Records from a dataset:
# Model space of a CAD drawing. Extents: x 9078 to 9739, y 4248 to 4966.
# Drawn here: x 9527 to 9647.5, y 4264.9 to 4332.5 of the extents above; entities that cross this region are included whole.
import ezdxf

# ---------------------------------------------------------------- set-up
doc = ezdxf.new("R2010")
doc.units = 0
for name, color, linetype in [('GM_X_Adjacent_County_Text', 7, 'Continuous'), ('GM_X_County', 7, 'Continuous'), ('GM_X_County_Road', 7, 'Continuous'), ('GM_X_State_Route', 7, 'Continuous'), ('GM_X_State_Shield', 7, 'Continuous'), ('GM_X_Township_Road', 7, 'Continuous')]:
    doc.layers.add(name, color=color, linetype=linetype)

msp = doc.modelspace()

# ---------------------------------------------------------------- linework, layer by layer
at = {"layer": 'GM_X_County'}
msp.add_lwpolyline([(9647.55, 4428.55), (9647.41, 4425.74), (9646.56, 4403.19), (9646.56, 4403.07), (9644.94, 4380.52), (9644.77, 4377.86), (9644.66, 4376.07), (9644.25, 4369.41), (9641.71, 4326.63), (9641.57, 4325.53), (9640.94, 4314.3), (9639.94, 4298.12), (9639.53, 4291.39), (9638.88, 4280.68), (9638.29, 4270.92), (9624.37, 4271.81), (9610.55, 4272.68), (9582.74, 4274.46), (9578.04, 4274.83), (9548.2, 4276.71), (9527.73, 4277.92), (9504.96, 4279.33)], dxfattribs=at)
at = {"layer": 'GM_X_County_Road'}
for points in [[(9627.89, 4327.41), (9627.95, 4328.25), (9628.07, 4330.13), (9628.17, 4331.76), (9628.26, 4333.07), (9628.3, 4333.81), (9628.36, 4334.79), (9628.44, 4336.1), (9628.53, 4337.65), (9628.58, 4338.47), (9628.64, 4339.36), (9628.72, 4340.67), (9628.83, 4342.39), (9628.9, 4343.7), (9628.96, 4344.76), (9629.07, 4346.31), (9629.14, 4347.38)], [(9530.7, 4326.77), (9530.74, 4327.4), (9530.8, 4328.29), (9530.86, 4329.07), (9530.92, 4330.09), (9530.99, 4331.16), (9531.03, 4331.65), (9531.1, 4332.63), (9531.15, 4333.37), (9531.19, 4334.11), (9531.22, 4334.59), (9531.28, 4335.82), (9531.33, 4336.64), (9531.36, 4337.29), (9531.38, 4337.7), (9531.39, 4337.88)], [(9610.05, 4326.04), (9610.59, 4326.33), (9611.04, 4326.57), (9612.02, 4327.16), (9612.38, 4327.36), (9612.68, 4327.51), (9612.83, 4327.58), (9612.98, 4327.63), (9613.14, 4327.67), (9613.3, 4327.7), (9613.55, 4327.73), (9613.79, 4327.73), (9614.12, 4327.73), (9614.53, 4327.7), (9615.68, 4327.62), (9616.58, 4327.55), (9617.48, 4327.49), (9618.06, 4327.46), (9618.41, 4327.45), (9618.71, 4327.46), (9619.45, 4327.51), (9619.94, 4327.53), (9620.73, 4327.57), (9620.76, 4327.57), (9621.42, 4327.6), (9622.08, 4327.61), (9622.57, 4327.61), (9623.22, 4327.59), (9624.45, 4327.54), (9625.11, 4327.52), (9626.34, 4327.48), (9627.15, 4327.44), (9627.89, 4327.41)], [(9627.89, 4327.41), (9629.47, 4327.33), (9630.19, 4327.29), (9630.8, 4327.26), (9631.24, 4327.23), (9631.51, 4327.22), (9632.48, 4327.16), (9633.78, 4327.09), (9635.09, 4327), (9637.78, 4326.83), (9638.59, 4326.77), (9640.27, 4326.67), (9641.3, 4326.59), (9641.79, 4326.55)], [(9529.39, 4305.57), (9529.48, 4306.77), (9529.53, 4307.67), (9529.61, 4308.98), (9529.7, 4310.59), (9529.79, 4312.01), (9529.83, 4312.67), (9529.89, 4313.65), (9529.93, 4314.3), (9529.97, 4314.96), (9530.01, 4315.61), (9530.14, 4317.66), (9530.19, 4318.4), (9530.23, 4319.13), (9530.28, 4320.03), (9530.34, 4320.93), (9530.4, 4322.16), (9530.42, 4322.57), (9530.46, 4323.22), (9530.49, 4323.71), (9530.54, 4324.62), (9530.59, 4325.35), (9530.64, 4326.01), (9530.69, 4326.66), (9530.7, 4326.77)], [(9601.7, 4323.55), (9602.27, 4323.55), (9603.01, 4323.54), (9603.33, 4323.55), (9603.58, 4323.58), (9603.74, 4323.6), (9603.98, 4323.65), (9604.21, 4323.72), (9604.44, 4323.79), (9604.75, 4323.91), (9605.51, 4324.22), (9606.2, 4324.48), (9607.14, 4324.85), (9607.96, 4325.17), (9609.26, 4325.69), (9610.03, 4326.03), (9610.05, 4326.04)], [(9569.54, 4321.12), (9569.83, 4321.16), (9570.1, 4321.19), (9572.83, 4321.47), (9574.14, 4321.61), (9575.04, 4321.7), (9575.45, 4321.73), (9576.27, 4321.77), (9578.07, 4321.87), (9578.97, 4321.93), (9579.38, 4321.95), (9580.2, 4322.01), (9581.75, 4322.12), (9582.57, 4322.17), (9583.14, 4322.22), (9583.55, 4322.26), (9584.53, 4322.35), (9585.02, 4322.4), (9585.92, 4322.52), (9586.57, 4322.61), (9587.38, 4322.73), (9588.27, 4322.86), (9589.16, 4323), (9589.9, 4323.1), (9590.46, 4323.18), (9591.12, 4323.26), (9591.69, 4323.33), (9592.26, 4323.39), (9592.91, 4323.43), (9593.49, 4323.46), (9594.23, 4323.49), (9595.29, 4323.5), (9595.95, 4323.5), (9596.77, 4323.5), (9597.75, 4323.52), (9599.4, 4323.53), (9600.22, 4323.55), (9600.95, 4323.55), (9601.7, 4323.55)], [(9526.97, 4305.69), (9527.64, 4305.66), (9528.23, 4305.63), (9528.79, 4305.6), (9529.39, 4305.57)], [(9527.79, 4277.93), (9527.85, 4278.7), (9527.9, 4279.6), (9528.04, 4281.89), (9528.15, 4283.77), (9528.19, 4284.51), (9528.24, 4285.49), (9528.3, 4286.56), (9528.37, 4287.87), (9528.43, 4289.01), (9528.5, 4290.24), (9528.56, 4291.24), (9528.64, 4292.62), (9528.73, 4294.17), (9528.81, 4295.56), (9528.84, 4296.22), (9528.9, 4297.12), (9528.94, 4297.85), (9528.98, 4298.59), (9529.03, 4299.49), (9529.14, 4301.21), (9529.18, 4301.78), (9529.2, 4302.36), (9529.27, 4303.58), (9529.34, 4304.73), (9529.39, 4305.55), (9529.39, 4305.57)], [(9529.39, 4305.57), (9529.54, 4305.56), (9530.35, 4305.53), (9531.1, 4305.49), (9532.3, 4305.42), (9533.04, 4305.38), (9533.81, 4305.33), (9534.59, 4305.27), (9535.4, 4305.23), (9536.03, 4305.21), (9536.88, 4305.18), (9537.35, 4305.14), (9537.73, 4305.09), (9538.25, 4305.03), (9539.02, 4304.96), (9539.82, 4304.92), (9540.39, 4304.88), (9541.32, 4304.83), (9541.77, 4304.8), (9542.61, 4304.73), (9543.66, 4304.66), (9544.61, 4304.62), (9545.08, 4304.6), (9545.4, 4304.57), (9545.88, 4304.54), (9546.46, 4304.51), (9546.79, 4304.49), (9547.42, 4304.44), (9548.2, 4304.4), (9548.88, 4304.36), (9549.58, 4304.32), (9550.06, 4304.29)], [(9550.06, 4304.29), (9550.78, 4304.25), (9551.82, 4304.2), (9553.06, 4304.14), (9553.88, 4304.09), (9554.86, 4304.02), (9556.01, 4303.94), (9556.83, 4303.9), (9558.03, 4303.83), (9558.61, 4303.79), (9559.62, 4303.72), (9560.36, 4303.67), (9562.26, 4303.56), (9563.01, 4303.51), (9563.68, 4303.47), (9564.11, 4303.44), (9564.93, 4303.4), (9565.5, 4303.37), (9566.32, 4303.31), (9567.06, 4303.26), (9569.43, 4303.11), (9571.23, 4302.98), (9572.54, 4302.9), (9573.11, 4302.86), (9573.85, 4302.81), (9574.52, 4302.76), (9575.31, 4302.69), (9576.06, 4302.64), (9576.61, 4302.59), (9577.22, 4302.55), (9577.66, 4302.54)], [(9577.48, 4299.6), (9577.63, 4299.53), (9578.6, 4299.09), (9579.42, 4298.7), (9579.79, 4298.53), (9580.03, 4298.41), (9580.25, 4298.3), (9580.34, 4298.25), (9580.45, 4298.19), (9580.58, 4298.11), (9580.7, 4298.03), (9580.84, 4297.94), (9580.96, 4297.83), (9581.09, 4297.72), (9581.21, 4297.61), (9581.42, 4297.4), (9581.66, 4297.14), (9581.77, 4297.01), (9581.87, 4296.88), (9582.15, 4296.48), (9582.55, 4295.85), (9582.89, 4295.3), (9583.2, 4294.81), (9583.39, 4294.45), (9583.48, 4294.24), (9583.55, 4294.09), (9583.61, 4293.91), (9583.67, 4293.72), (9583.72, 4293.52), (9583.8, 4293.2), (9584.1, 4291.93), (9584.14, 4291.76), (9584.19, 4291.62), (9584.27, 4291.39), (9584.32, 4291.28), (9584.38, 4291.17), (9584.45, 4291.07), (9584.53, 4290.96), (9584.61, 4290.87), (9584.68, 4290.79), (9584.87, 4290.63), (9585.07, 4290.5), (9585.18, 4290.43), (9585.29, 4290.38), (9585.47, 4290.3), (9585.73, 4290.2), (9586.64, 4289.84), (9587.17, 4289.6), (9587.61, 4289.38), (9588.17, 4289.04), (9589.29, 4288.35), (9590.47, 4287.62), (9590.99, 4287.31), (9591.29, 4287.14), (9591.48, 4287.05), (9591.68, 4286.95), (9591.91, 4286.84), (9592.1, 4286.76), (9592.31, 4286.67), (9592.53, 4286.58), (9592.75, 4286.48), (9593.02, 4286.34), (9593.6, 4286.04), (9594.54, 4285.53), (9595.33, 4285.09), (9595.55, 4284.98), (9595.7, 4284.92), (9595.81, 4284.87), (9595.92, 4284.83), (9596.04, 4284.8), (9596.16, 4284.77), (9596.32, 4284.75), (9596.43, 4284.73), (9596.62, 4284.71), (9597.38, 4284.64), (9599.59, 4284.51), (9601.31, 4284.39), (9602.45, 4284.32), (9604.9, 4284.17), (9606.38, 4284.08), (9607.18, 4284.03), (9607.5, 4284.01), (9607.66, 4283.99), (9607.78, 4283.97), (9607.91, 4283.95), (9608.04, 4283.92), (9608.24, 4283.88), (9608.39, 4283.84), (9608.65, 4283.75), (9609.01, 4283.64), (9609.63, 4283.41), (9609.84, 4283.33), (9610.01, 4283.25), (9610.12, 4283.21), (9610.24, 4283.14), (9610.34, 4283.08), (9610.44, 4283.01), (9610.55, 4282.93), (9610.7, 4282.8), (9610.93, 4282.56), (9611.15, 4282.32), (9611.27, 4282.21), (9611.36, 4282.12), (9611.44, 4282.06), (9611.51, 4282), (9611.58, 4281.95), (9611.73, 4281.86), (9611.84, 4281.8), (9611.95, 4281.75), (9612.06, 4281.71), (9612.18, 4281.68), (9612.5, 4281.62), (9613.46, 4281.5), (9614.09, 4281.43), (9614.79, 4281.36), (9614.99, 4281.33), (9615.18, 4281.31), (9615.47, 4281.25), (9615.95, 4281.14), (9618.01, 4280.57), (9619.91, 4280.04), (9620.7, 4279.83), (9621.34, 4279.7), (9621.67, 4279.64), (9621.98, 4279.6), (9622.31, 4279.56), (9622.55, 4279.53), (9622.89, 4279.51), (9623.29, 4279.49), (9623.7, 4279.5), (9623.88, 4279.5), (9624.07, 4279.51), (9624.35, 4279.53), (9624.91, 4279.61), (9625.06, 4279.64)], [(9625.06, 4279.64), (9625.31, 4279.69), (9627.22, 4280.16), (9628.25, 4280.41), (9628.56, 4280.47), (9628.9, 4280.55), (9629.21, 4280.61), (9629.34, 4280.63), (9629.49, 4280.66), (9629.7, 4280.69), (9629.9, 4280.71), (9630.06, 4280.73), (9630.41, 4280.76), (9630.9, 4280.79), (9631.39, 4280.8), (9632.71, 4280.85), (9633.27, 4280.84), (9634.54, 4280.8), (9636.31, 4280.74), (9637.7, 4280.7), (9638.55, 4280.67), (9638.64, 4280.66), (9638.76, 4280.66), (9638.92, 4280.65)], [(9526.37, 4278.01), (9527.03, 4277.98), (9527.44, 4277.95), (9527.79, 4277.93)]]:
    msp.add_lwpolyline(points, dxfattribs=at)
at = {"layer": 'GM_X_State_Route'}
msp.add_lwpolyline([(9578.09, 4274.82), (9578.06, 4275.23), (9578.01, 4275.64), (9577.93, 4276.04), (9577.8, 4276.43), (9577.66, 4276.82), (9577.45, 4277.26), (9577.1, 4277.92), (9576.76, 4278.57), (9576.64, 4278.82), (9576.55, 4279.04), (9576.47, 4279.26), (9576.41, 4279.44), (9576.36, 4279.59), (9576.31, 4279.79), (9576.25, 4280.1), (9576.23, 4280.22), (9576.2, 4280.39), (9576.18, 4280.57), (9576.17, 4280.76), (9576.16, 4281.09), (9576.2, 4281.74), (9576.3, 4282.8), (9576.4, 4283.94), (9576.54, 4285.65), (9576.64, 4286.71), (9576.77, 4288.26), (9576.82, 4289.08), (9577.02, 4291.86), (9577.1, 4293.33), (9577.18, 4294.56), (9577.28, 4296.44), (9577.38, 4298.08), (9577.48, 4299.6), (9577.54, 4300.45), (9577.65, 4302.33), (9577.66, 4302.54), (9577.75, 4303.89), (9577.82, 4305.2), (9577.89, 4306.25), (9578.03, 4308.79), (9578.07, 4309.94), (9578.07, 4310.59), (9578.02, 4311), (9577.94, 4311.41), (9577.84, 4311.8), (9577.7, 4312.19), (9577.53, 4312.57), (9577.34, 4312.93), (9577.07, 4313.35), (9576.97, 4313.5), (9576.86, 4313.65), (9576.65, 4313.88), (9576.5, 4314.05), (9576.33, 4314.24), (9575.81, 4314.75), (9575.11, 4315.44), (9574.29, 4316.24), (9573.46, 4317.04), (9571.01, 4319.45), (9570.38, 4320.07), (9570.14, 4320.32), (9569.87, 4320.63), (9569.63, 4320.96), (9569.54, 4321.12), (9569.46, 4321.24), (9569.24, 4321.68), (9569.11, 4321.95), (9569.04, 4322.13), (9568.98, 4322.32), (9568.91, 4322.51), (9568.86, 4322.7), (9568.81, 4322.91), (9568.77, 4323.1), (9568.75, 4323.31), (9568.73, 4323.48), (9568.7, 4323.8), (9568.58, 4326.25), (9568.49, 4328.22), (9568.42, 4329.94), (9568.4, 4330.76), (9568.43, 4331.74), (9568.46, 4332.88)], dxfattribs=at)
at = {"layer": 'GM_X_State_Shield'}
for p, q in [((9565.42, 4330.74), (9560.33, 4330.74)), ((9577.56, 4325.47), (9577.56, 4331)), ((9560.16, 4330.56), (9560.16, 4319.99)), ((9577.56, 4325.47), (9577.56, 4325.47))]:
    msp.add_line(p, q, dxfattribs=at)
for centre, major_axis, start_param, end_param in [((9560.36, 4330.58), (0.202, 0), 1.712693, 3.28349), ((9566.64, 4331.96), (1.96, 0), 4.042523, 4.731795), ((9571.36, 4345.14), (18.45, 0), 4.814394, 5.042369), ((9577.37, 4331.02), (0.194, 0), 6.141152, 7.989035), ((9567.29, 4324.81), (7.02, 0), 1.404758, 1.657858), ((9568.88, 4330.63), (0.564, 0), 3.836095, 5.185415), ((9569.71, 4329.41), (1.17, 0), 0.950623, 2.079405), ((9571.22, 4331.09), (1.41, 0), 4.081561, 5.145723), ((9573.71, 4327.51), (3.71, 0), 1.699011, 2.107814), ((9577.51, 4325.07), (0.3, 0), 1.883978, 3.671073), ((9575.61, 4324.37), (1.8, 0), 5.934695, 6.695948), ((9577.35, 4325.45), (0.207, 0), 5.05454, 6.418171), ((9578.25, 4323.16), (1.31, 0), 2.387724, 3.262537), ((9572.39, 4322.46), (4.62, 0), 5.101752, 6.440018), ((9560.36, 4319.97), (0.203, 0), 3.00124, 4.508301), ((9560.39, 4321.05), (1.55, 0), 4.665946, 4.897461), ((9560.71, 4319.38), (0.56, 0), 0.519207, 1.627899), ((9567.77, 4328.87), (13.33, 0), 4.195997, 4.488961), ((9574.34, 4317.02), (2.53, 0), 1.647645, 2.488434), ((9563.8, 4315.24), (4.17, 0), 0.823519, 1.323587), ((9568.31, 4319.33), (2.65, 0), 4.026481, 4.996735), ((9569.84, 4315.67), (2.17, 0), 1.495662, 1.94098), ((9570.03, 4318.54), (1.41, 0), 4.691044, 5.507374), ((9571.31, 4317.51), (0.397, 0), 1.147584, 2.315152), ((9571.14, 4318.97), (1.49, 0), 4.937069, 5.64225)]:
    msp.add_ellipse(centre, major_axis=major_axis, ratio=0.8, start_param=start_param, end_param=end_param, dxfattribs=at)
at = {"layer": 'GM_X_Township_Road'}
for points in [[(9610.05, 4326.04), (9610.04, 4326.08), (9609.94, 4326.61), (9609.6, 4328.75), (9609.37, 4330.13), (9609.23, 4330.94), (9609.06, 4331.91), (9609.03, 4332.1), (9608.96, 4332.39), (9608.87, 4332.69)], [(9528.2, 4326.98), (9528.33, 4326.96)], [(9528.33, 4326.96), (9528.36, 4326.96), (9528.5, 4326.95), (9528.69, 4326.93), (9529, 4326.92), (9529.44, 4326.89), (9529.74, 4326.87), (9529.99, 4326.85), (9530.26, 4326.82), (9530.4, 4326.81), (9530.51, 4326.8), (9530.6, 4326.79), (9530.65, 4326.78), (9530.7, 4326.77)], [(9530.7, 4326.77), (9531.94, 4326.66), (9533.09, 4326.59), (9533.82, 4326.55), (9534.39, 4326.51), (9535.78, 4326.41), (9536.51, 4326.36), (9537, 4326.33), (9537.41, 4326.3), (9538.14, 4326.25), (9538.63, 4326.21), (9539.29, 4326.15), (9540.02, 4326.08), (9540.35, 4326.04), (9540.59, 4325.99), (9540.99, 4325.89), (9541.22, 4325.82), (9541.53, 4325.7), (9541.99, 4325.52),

* [Requirement] Go through the data above from its first line and copy each line exactly, stopping once the line with "doc.units = 0" has been copied.

* [Result for this exercise]
# Model space of a CAD drawing. Extents: x 9078 to 9739, y 4248 to 4966.
# Drawn here: x 9527 to 9647.5, y 4264.9 to 4332.5 of the extents above; entities that cross this region are included whole.
import ezdxf

# ---------------------------------------------------------------- set-up
doc = ezdxf.new("R2010")
doc.units = 0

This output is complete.